Submitted to: National Cotton Council Beltwide Cotton Conference
Publication Type: Abstract Only
Publication Acceptance Date: 12/30/2009
Publication Date: 1/15/2010
Citation: Stipanovic, R.D., Puckhaber, L.S., Bell, A.A., Liu, J. 2010. Phytotoxicity of fusaric acid and analogues to cotton [abstract]. Proceedings of Beltwide Cotton Conferences, January 4-7, 2010, New Orleans, Louisiana. 2010 CDROM.
Interpretive Summary: A pathogen of the cotton plant Fusarium oxysporum produces a compound called fusaric acid that is toxic to plants including cotton. New virulent isolates of this pathogen produce large amounts of this plant toxin. To more fully understand how this toxin operates, we have studied how changes in its structure alter its toxicity. We found that the carboxylic acid group present in the molecule is essential to its toxicity, and alterations in this group can increase or decrease toxicity. These compounds may have applications as herbicides in organic farming.

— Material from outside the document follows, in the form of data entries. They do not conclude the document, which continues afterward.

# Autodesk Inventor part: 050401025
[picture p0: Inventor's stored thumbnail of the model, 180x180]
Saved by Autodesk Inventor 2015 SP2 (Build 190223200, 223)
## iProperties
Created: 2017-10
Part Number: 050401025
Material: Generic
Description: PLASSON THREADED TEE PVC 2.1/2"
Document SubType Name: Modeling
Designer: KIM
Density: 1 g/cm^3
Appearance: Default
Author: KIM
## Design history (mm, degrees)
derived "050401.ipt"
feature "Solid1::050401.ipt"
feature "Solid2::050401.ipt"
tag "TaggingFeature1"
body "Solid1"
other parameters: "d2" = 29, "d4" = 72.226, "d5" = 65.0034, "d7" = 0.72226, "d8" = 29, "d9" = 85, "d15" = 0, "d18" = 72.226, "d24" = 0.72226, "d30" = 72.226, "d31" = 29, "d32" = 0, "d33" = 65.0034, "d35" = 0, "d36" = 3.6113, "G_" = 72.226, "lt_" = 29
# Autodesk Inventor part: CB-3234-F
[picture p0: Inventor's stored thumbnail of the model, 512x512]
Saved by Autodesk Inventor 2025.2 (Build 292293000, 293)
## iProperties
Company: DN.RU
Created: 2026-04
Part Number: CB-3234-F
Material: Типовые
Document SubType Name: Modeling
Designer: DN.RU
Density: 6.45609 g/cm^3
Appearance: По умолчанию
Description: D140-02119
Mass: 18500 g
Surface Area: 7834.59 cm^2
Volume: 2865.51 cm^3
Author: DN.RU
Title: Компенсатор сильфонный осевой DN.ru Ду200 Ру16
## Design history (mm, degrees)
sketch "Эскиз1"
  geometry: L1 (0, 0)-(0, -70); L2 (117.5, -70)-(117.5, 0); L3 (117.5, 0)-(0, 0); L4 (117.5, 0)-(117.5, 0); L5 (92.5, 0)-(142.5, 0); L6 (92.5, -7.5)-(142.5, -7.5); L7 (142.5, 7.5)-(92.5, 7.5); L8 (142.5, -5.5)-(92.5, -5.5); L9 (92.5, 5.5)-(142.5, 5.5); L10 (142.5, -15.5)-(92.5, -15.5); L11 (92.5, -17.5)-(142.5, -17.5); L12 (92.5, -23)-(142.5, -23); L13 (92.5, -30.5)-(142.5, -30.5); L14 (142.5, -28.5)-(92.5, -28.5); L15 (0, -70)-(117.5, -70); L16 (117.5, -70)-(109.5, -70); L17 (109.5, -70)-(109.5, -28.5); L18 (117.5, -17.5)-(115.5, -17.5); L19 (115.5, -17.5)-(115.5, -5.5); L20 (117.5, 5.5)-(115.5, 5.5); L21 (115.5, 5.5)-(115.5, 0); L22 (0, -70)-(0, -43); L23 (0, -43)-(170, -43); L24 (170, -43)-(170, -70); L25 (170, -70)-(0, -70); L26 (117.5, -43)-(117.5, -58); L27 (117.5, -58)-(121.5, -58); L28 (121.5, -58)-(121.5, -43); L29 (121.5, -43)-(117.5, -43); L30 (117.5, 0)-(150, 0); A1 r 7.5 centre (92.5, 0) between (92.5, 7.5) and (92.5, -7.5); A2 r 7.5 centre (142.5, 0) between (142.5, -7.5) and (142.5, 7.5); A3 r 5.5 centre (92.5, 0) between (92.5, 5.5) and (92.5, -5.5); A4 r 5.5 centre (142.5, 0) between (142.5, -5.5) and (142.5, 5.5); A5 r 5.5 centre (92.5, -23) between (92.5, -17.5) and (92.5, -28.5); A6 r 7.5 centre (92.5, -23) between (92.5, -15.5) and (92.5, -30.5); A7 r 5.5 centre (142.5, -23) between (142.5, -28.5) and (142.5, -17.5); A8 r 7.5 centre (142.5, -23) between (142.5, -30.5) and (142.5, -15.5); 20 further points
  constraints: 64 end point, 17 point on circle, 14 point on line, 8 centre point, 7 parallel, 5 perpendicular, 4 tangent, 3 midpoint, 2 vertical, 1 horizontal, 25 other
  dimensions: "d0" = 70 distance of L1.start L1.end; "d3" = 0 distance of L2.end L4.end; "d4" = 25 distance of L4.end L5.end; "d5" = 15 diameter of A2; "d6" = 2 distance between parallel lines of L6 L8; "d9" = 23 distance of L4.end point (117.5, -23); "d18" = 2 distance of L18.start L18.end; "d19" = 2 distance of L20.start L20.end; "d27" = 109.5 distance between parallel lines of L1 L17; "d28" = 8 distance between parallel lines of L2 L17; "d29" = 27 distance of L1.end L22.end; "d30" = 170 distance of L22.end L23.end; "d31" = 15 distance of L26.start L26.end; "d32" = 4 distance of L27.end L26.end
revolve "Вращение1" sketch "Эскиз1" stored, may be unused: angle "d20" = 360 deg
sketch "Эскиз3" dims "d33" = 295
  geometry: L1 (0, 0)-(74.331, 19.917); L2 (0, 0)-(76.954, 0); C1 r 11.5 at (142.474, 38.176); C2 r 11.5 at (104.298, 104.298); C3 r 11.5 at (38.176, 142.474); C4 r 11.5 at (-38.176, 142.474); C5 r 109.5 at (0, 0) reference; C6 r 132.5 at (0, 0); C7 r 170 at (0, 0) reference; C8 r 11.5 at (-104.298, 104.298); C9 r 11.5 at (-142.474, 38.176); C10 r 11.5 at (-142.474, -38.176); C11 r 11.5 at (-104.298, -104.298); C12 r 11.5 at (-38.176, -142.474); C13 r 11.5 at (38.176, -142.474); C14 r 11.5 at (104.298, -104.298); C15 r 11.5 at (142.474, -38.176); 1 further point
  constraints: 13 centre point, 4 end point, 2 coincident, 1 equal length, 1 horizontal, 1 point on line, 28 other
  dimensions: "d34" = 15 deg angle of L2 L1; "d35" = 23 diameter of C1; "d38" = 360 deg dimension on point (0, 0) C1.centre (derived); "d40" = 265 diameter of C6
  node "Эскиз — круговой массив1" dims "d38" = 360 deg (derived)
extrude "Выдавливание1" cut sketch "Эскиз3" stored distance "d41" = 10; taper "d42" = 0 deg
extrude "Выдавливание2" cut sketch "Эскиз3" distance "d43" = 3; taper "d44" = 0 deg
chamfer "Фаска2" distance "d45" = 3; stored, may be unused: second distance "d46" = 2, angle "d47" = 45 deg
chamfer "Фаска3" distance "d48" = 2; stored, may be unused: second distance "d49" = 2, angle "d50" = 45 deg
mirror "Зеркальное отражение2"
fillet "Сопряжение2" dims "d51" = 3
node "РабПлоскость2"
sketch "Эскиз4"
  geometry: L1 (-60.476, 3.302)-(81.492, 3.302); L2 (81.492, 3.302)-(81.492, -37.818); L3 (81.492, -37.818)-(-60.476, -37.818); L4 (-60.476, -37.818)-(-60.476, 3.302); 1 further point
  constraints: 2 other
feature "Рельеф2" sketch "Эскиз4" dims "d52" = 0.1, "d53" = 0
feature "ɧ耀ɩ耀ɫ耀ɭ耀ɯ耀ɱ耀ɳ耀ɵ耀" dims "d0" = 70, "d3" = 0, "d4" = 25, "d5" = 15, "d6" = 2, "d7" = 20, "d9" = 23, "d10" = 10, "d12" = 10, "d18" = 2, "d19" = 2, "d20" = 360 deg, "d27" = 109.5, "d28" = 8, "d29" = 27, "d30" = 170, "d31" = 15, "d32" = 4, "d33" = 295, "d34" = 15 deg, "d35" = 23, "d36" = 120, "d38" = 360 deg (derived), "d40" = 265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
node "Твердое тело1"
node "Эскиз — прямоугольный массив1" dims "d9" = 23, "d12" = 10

Technical Abstract: Fusaric acid has been isolated from 11 Fusarium species including the cotton pathogen, Fusarium oxysporum f. sp. vasinfectum. Although fusaric acid shows low toxicity to animals, it is classified as a wilt-inducing toxin in many plants including cotton. The latter is particularly sensitive to this compound. We are interested in determining the phytotoxicity of fusaric acid analogues and as such have developed a cotton cotyledonary leaf assay. We used this assay to compare the toxicity of fusaric acid to various analogues. When the molecule fusaric acid is deconstructed, one finds it is composed of three structural components, the central pyridine ring, the butyl side chain and the carboxylic acid group. We now report the results of our preliminary study to determine the essential components responsible for its phytotoxicity. To this end, we eliminated, changed or rearranged the butyl and the carboxylic acid groups. Our results show that the carboxylic acid group is essential for toxicity. That is, 3-butylpyridine is not toxic. Conversion of the carboxylic acid group to the methyl ester provided a more toxic compound, while reduction of the carboxylic acid to the aldehyde provided a less toxic compound. Moving the carboxylic acid from the 2- to the 3-position (i.e., 5-butylnicotinic acid) or conversion of the fusaric acid side chain to a propyl or a pentyl group all reduced toxicity. Of the compounds tested, fusaric acid and its methyl ester were among the most phytotoxic compounds showing severe wilting at 8.0 mM and detectable necrosis at the point of piercing at 0.5 mM. Thus, it would appear that evolutionary pressures within Fusarium oxysporum have combined to produce an effective phytotoxin from the basic pyridine carboxylic acid building blocks.